Deep Learning Based Large Scale Recommendation System part 2 (Ranking Candidates)

In this post we’ll discuss in detail about the ranking candidates problem and how can we optimally rank these candidates. So that we can provide much better personalized recommendation to our each user.

To solve this ranking problem, we use the concept of “Learn to rank” method which can generate scores for a given pool of item based on the objective we are trying to achieve such as maximizing user watch time. We need an appropriate ranking model which can learn & understand the wide variety of information to generate the optimal ranking for our individual user.

Recommendation System

Fig.1 Recommendation system overview

Note: Scoring and ranking are representing ranking candidates here.

In the previous blog we discussed about the candidate generation method in detail, If you have not read it, I will highly recommend you guys to first read that blog so that you can better understand the big picture. Following is the short explanation for it.

Candidate Generation:

Candidate generation is the process of generating candidate items from various algorithms. The purpose is to get a wide variety of items, which user may like. Thus, providing an opportunity to present a diverse set of items to user. In Candidate generation, we can generate list of candidates from various Candidate generation methods from both contents based filtering and collaborative filtering methods.

Recommendation System

Fig.2 Candidates generation methods

Let’s start by first understanding why we need ranking model in the first place and then later we’ll formulate the problem statement for our ranking candidate problem.

Why Do we need Ranking/Scoring models why not to use scores generated by candidate methods?

Candidate generation part comes mostly from computing similarity based on user factors or item factors, If we are using matrix factorization based collaborative model or even non-linear DL based generalized model. We can use their similarity score as a ranking parameter. But we should avoid doing this, because of the following reasons:

*   The scores of these candidate generators might not be comparable.

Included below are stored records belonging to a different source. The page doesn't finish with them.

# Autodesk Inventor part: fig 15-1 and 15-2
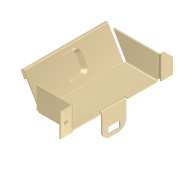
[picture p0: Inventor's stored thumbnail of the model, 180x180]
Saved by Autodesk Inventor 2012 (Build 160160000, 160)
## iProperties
Shininess: 65.0
Angle Display Precision: 2
Document Length Units: 11269
Document Angle Units: 11279
Document Time Units: 11290
Document Mass Units: 11283
Document Length Units Precision: 3
Document Angle Units Precision: 2
Compacted: False
Created: 2002-04
Part Number: fig 15-1 and 15-2
Material: Stainless Steel, 440C
Document SubType Name: Sheet Metal
Density: 1 g/cm^3
Sheet Metal Rule: Default
Density: 0.0
Volumn: 0.0
Area: 0.0
PropertySet Name: Model Information
Control State: 0
Master: False
Checked Out: False
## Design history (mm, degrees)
node "Face1"
  sketch "Sketch1"
    geometry: L1 (-46.618, 22.343)-(-46.618, -12.657); L2 (-46.618, -12.657)-(53.382, -12.657); L3 (53.382, -12.657)-(53.382, 22.343); L4 (53.382, 22.343)-(35.882, 22.343); L5 (35.882, 22.343)-(35.882, 12.343); L6 (35.882, 12.343)-(-29.118, 12.343); L7 (-29.118, 12.343)-(-29.118, 22.343); L8 (-29.118, 22.343)-(-46.618, 22.343)
    constraints: 16 end point, 6 parallel, 2 equal length, 1 perpendicular, 1 vertical
    dimensions: "d0" = 100 distance of L1.end L2.end; "d1" = 35 distance of L1.start L1.end; "d2" = 65 distance of L5.end L6.end; "d3" = 10 distance of L6.end L7.end
sketch "Sketch2"
  geometry: L1 (100, 0)-(0, 0) reference; L2 (17.5, 35)-(17.5, 25) reference; L3 (17.5, 25)-(17.5, 0); L4 (82.5, 25)-(82.5, 0)
  constraints: 4 end point, 2 point on line, 1 collinear, 1 perpendicular
feature "Fold1" dims "d5" = 1 (= BendRadius), "d6" = 90 deg, "d7" = 1 (= BendRadius), "d52" = 1 (= BendReliefWidth), "d53" = 0.5 (= BendReliefDepth), "d54" = 2 (= MinimumRemnant), "SeamGap" = 0.01, "Thickness" = 1
feature "Fold2" dims "d8" = 1 (= BendRadius), "d9" = 90 deg, "d10" = 1 (= BendRadius), "d55" = 1 (= BendReliefWidth), "d56" = 0.5 (= BendReliefDepth), "d57" = 2 (= MinimumRemnant), "SeamGap" = 0.01, "Thickness" = 1
node "Flange1"
feature "Corner1" dims "d15" = 1 (= Thickness), "d16" = 0, "d73" = 4 (= CornerReliefSize), "Thickness" = 1, "TransitionRadius" = 1 (= BendRadius)
sketch "Sketch4"
  geometry: L1 (0, 0)-(0, 35) reference; L2 (15.869, 25)-(15.869, 26) reference; L3 (17.5, 26)-(0, 26)
  constraints: 2 end point, 1 perpendicular, 1 point on line
feature "Fold3" sketch "Sketch4" dims "d17" = 1 (= BendRadius), "d18" = 90 deg, "d19" = 1 (= BendRadius), "d61" = 1 (= BendReliefWidth), "d62" = 0.5 (= BendReliefDepth), "d63" = 2 (= MinimumRemnant), "SeamGap" = 0.01, "Thickness" = 1
sketch "Sketch5"
  geometry: L1 (-17.5, -34.296)-(-17.5, 9) reference; L2 (0, 0)-(-17.5, 0)
  constraints: 2 end point, 1 perpendicular, 1 point on line
feature "Fold4" sketch "Sketch5" dims "d20" = 1 (= BendRadius), "d21" = 90 deg, "d22" = 1 (= BendRadius), "d64" = 1 (= BendReliefWidth), "d65" = 0.5 (= BendReliefDepth), "d66" = 2 (= MinimumRemnant), "SeamGap" = 0.01, "Thickness" = 1
sketch "Sketch6"
  geometry: 1 further point
feature "iFeature4:1" sketch "Sketch6"
feature "Hem2" dims "d32" = 1 (= BendRadius), "d33" = 6 (= 6 x Thickness), "d34" = 1 (= Thickness), "d35" = 0.5 (= 0.5 x d34), "d67" = 1 (= BendReliefWidth), "d68" = 0.5 (= BendReliefDepth), "d69" = 2 (= MinimumRemnant), "SeamGap" = 0.01, "Thickness" = 1, "MinimumRemnant" = 2 (= 2 x Thickness), "BendReliefWidth" = 1 (= Thickness)
node "Face2"
  sketch "Sketch9"
    geometry: L1 (0, 0)-(62.738, 0) reference; L2 (40.511, 0)-(22.35, 0); L3 (22.35, 0)-(22.35, 18.987); L4 (22.35, 18.987)-(40.511, 18.987); L5 (40.511, 18.987)-(40.511, 0)
    constraints: 8 end point, 2 parallel, 1 horizontal, 1 perpendicular, 1 point on line
sketch "Sketch10"
  geometry: L1 (13.661, -2.202)-(4.661, -2.202); L2 (4.661, -2.202)-(4.661, -7.127); L3 (4.661, -7.127)-(13.661, -7.127); L4 (13.661, -7.127)-(13.661, -2.202); L5 (18.161, -16.987)-(18.161, 0) reference
  constraints: 8 end point, 2 parallel, 1 horizontal, 1 perpendicular
  dimensions: "d50" = 4.5 distance between parallel lines of L5 L4; "d51" = 9 distance of L1.start L1.end
cut "Cut1" sketch "Sketch10" dims "d38" = 1 (= Thickness), "d39" = 0
sketch "Sketch11"
  geometry: 1 further point
hole "Hole1" sketch "Sketch11" at (3.935, 8.75) diameter "d40" = 3; stored, may be unused: countersink angle "d44" = 82 deg, drill point angle "d46" = 118 deg; dims "d41" = 6, "d42" = 4, "d43" = 2, "d45" = 8
feature "Corner Chamfer1" dims "d47" = 6, "d48" = 6, angle "d74" = 45 deg
feature "Corner Round1" dims "d49" = 6
body "Solid1"
face "Plate1" dims "Thickness" = 1
sketch "Sketch3"
  geometry: L1 (62.738, 0)-(62.738, -25); L2 (62.738, -25)-(0, -25); 2 other entities
  constraints: 4 end point, 4 other
face "Plate2" dims "d12" = 25, "d13" = 120 deg, "d14" = 1 (= BendRadius), "Thickness" = 1, "MinimumRemnant" = 2 (= 2 x Thickness), "BendReliefWidth" = 1 (= Thickness)
bend "Bend1" dims "d11" = 1 (= BendRadius), "d12" = 25, "d13" = 120 deg, "d14" = 1 (= BendRadius), "d58" = 1 (= BendReliefWidth), "d59" = 0.5 (= BendReliefDepth), "d60" = 2 (= MinimumRemnant), "SeamGap" = 0.01, "Thickness" = 1, "MinimumRemnant" = 2 (= 2 x Thickness), "BendReliefWidth" = 1 (= Thickness)
sketch "Sketch8"
  geometry: L1 (0.866, 0.5)-(0, 0); L2 (-0.866, -0.5)-(1.384, -4.397); L3 (1.384, -4.397)-(0.518, -4.897); L4 (0.518, -4.897)-(-1.732, -1); A1 r 0.5 centre (-0.433, -0.25) between (0, 0) and (-0.866, -0.5); A2 r 1.5 centre (-0.433, -0.25) between (0.866, 0.5) and (-1.732, -1)
  constraints: 8 end point, 4 point on circle
face "Plate3" dims "d36" = 1 (= BendRadius), "Thickness" = 1, "MinimumRemnant" = 2 (= 2 x Thickness), "BendReliefWidth" = 1 (= Thickness)
bend "Bend2" dims "d36" = 1 (= BendRadius), "d37" = 1 (= BendRadius), "d70" = 1 (= BendReliefWidth), "d71" = 0.5 (= BendReliefDepth), "d72" = 2 (= MinimumRemnant), "SeamGap" = 0.01, "Thickness" = 1, "MinimumRemnant" = 2 (= 2 x Thickness), "BendReliefWidth" = 1 (= Thickness)
other parameters: "BendRadius" = 1 (= Thickness), "BendReliefDepth" = 0.5 (= 0.5 x Thickness), "CornerReliefSize" = 4 (= 4 x Thickness), "d4" = 1 (= BendRadius), "d27" = 0, "JacobiRadiusSize" = 1 (= Thickness), "GapSize" = 1 (= Thickness)

Let’s say the scale in which collaborative filtering models is generating score might not be comparable with the content-based model score.

*   With a smaller pool of candidates, the system can afford to use more features and a more complex model that may better capture context. For example, in ALS candidate generation does not consider the entire user-experience part while generating the recommendation, it only optimizes the user-item rating.

In-order to maintain the better user-engagement we can add fairness, diversity and freshness part to the candidate list by applying another layer of these parameters on the candidate list through ranking model by providing relevant features.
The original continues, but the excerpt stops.